Actress and presenter Claire Sweeney has joined the growing list of celebrities who are learning that hypnotherapy can help them to achieve what they are looking for in life.
Last September her son Jaxton was born and since then she has spoken about how she has had struggles with her weight.
She spoke to Closer magazine all about her life and was more than happy to talk about the fact that she has struggled to stop eating chocolate. She found that she was increasingly bingeing on suagr based snacks.
She described the feeling of being hypnotised as “Like having a good night’s sleep. It was so relaxing”
So often we can have a sweet tooth and find that we reach for a sugary snack when perhaps we don't really need it. Would having a glass of water, or some fruit be a better idea I wonder?
Maybe it has just become a habit, or maybe there is some other emotional reason for eating. Whatever the cause, it is great to see that Claire Sweeney has taken advice and help and used hypnotherapy to help her turn down that craving.
When I work with my weight loss clients I know that often their favorite part of working with me is when we just turn down that craving for something they want to cut down. It is often the part they really enjoy finding out about the most.
The best part, is that just like she says, it's a really relaxing experience and that's something we can all benefit from too.
A new Book called The Mindfulness diet seems to be jumping on the bandwagon to help with weight loss. It's actually got some great advice. I know that because they are advocating exactly what I have been teaching my weight loss clients for the past few years!
The book, by Dr Patrizia Collard and Helen Stephenson, is called a new approach to eating which gives you the power to take control of your eating and think yourself to a better body and soul. Stars such as Meg Ryan and Goldie Hawn have spoken about how mindful eating has helped them and you can follow the same advice to help you lose weight and feel healthier and fitter.
The concept behind the Mindfulness Diet teaches you to appreciate food , nutrition and healthy eating, as well as how to deal with the kind of cravings that hamper many diets and healthy eating drives. Alongside the advice the book also contains recipies. Of course recipie books are interesting because most of them just stay on the bookshelf in the kitchen gathering dust..and grease.
The techniques of eating mindfully that are talked about in the Mindfulness Diet are the same ones that I teach my clients. When we start to eat in a mindful way we can ejoy our food and when we enjoy it, it no longer becomes about just eating for eating sake.
Eating mindfully, will train your body to know what it needs and Patrizia said the diet’s biggest advantage is “being truly connected to this moment, enjoying every meal as if it is your wedding feast, fully and truly getting all the benefits out of it by savouring the moment”.
Here are their ten tips... I have to agree with how well these work because they are pretty much the same tips on the worksheet I have given to my clients for years. Have a read and then think about how they could help you to lose weight...Mindful eating...
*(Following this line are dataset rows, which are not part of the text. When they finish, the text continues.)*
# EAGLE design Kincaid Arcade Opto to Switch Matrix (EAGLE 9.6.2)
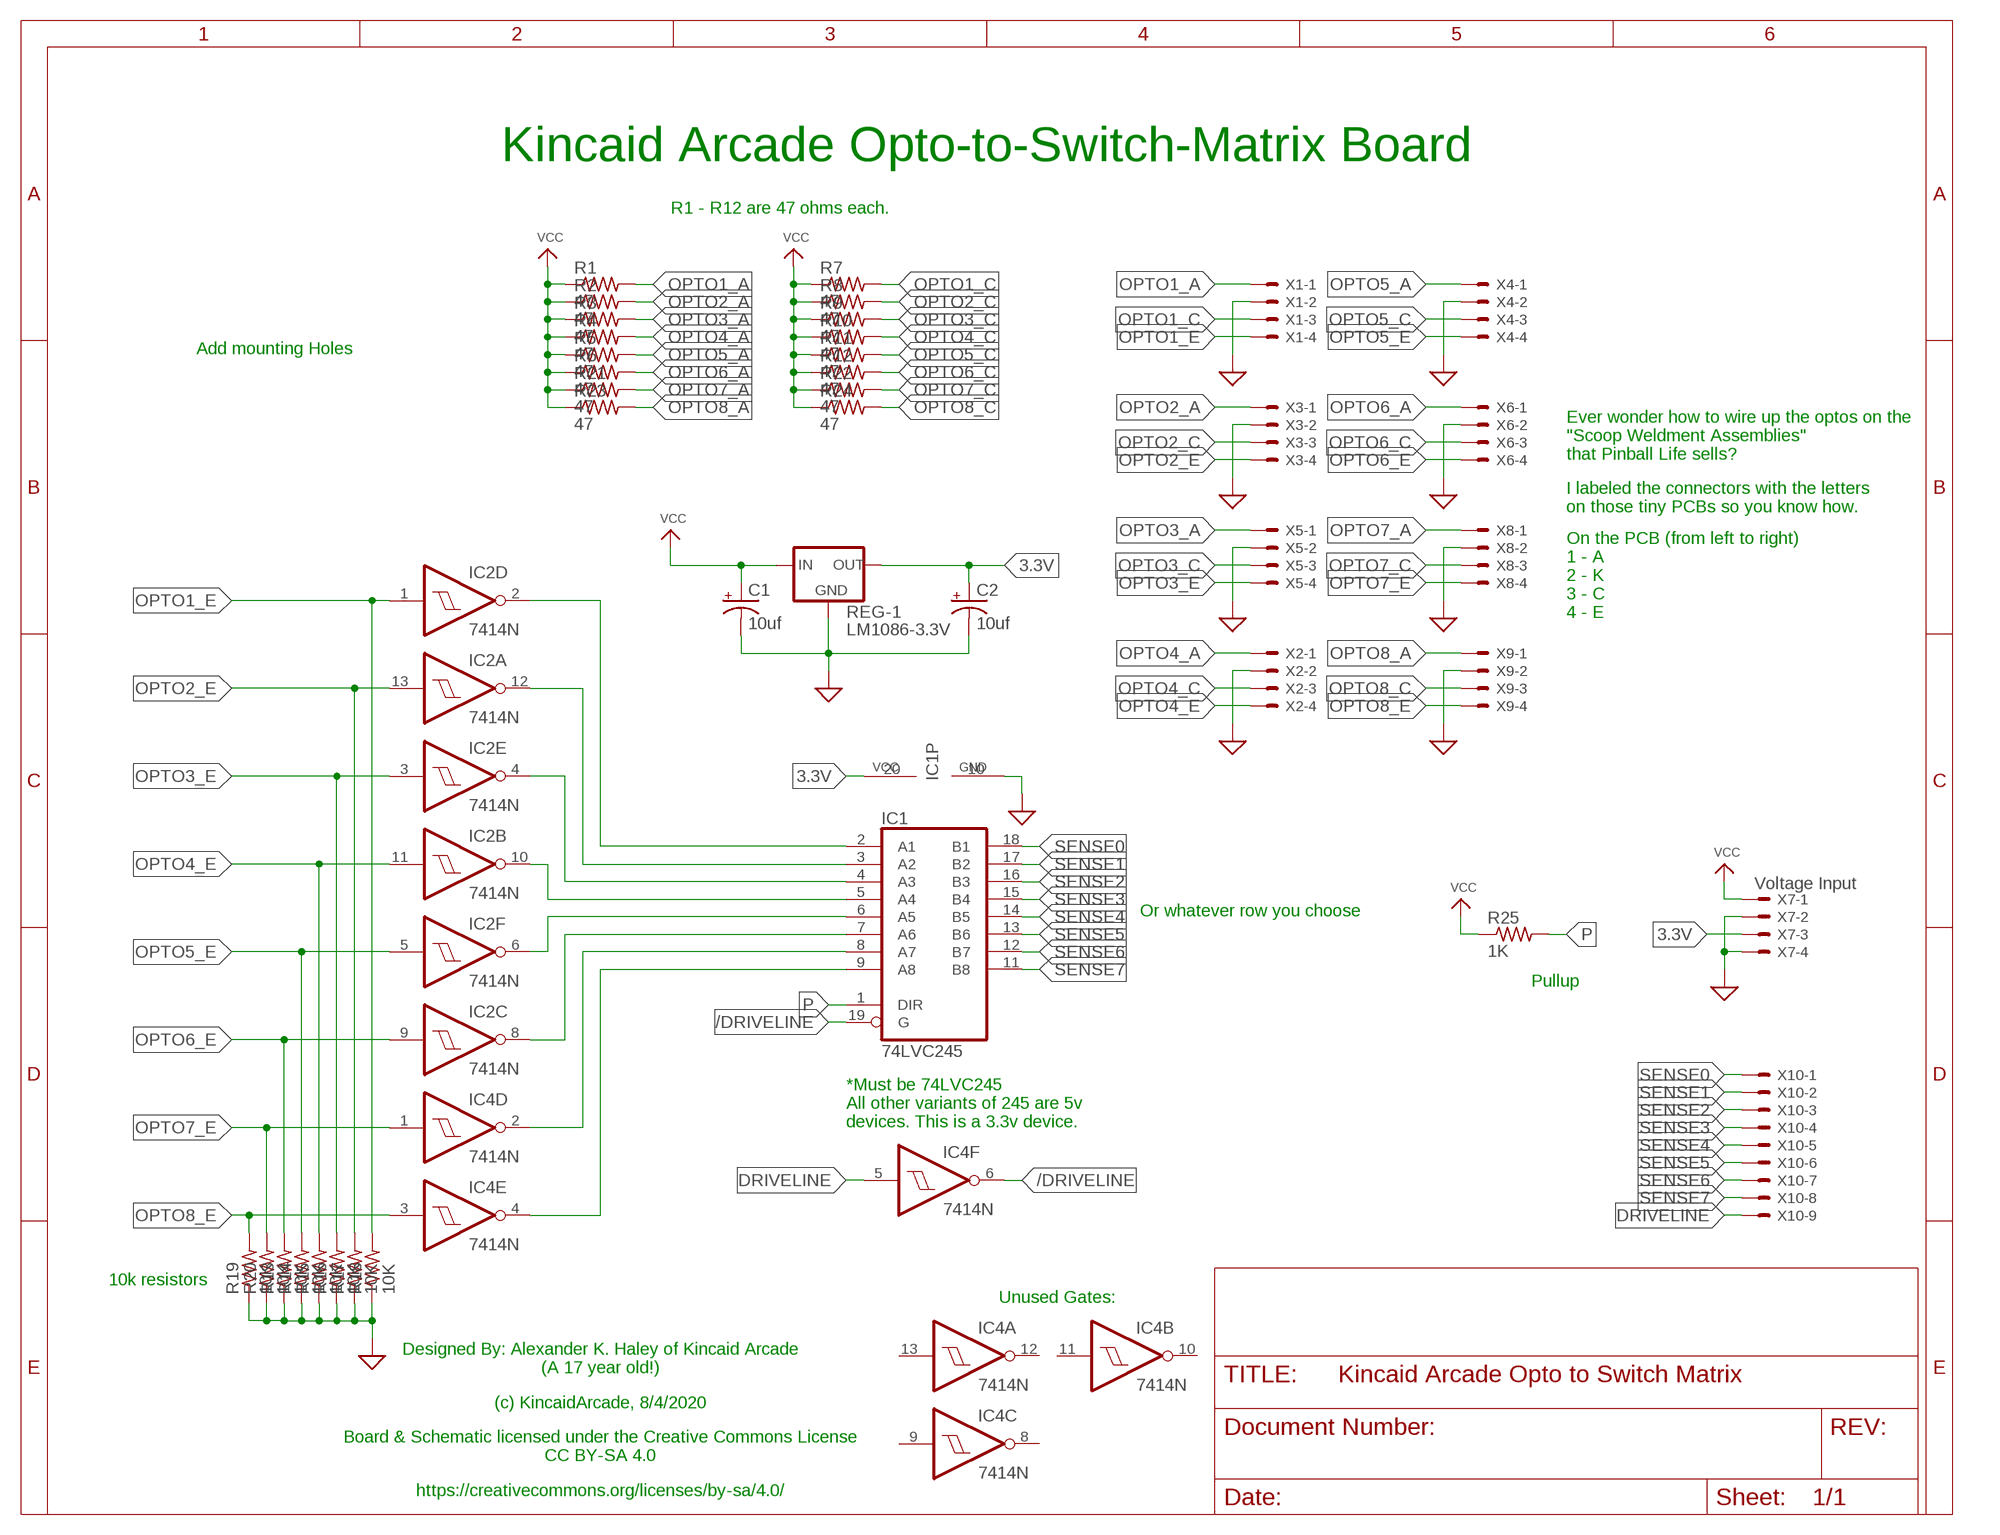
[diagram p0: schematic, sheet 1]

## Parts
C1  10uf  CPOL-USB45181A  [B45181A]
C2  10uf  CPOL-USB45181A  [B45181A]
IC1  74LVC245  74LS245N  [DIL20]
IC2  7414N  [DIL14]
IC4  7414N  [DIL14]
R1  47  R-US_0207/7  [0207/7]
R2  47  R-US_0207/7  [0207/7]
R3  47  R-US_0207/7  [0207/7]
R4  47  R-US_0207/7  [0207/7]
R5  47  R-US_0207/7  [0207/7]
R6  47  R-US_0207/7  [0207/7]
R7  47  R-US_0207/7  [0207/7]
R8  47  R-US_0207/7  [0207/7]
R9  47  R-US_0207/7  [0207/7]
R10  47  R-US_0207/7  [0207/7]
R11  47  R-US_0207/7  [0207/7]
R12  47  R-US_0207/7  [0207/7]
R13  10K  R-US_0207/7  [0207/7]
R14  10K  R-US_0207/7  [0207/7]
R15  10K  R-US_0207/7  [0207/7]
R16  10K  R-US_0207/7  [0207/7]
R17  10K  R-US_0207/7  [0207/7]
R18  10K  R-US_0207/7  [0207/7]
R19  10K  R-US_0207/7  [0207/7]
R20  10K  R-US_0207/7  [0207/7]
R21  47  R-US_0207/7  [0207/7]
R22  47  R-US_0207/7  [0207/7]
R23  47  R-US_0207/7  [0207/7]
R24  47  R-US_0207/7  [0207/7]
R25  1K  R-US_0207/7  [0207/7]
REG-1  LM1086-3.3V  LM1086  [78XXL]
X1  KK-156-4  [KK-156-4]
X2  KK-156-4  [KK-156-4]
X3  KK-156-4  [KK-156-4]
X4  KK-156-4  [KK-156-4]
X5  KK-156-4  [KK-156-4]
X6  KK-156-4  [KK-156-4]
X7  Voltage Input  KK-156-4  [KK-156-4]
X8  KK-156-4  [KK-156-4]
X9  KK-156-4  [KK-156-4]
X10  KK-156-9  [KK-156-9]

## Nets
3.3V: C2.+ IC1.20(VCC) REG-1.OUT X7.3
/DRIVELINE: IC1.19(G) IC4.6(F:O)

1. Listen to your body. Are you hungry? If you are, how hungry are you?
2. Use smaller serving plates and bowls. Studies have shown our satisfaction is tied in to “relative” portion sizes. So, if we have a very small plate piled high with food, we’ll feel much more satisfied than if we have a large plate with a small amount of food.
3. Be flexible when eating out. There is no obligation to have a starter, main course and dessert. Why not have starters instead of a main course?
4. Serve up at source. When serving food at home, try to plate it up by the oven or hob, rather than at the table. If the excess is on the table in front of you while you are eating, that’s where your mind is likely to be. Studies have shown you are likely to eat faster with the excess in front of you. Presumably this is prompted by some survival instinct from the past, when we weren’t sure where the next meal was coming from.
5. When you eat, just eat. If you sit down at a table with a large box of chocolates and no distractions, you are unlikely to polish off the entire box. But when you’re watching TV or involved in another activity, this awareness can be drowned out.
6. Learn what a portion size is. As a general rule, a “cup” is about the size of a large tennis ball, 85g of meat is about a deck of cards and 30g cheese is the size of a domino.
7. Think little and often. Try to maintain a stable blood-sugar level and moderate level of satiety by eating small meals throughout the day rather than a couple of ridiculously large meals.
8. Have a salad as a starter. Be smart and eat raw vegetables or salad to burn off that extreme hunger before the meal itself.
9. Have a glass of water before eating. Sip a good-sized glass of water in the 10–15 minutes leading up to a meal. This way you can be sure you are serving up only what the body actually needs.
10. Shop smart. Bulk buying foods can often enable you to pick up great bargains. If you are unable or unwilling to break those down into smaller portion sizes when you get home, consider the possibility of buying smaller versions. While you may not get the same value for money, think of the cost (financial, physical, mental and emotional) of overeating large portions of food.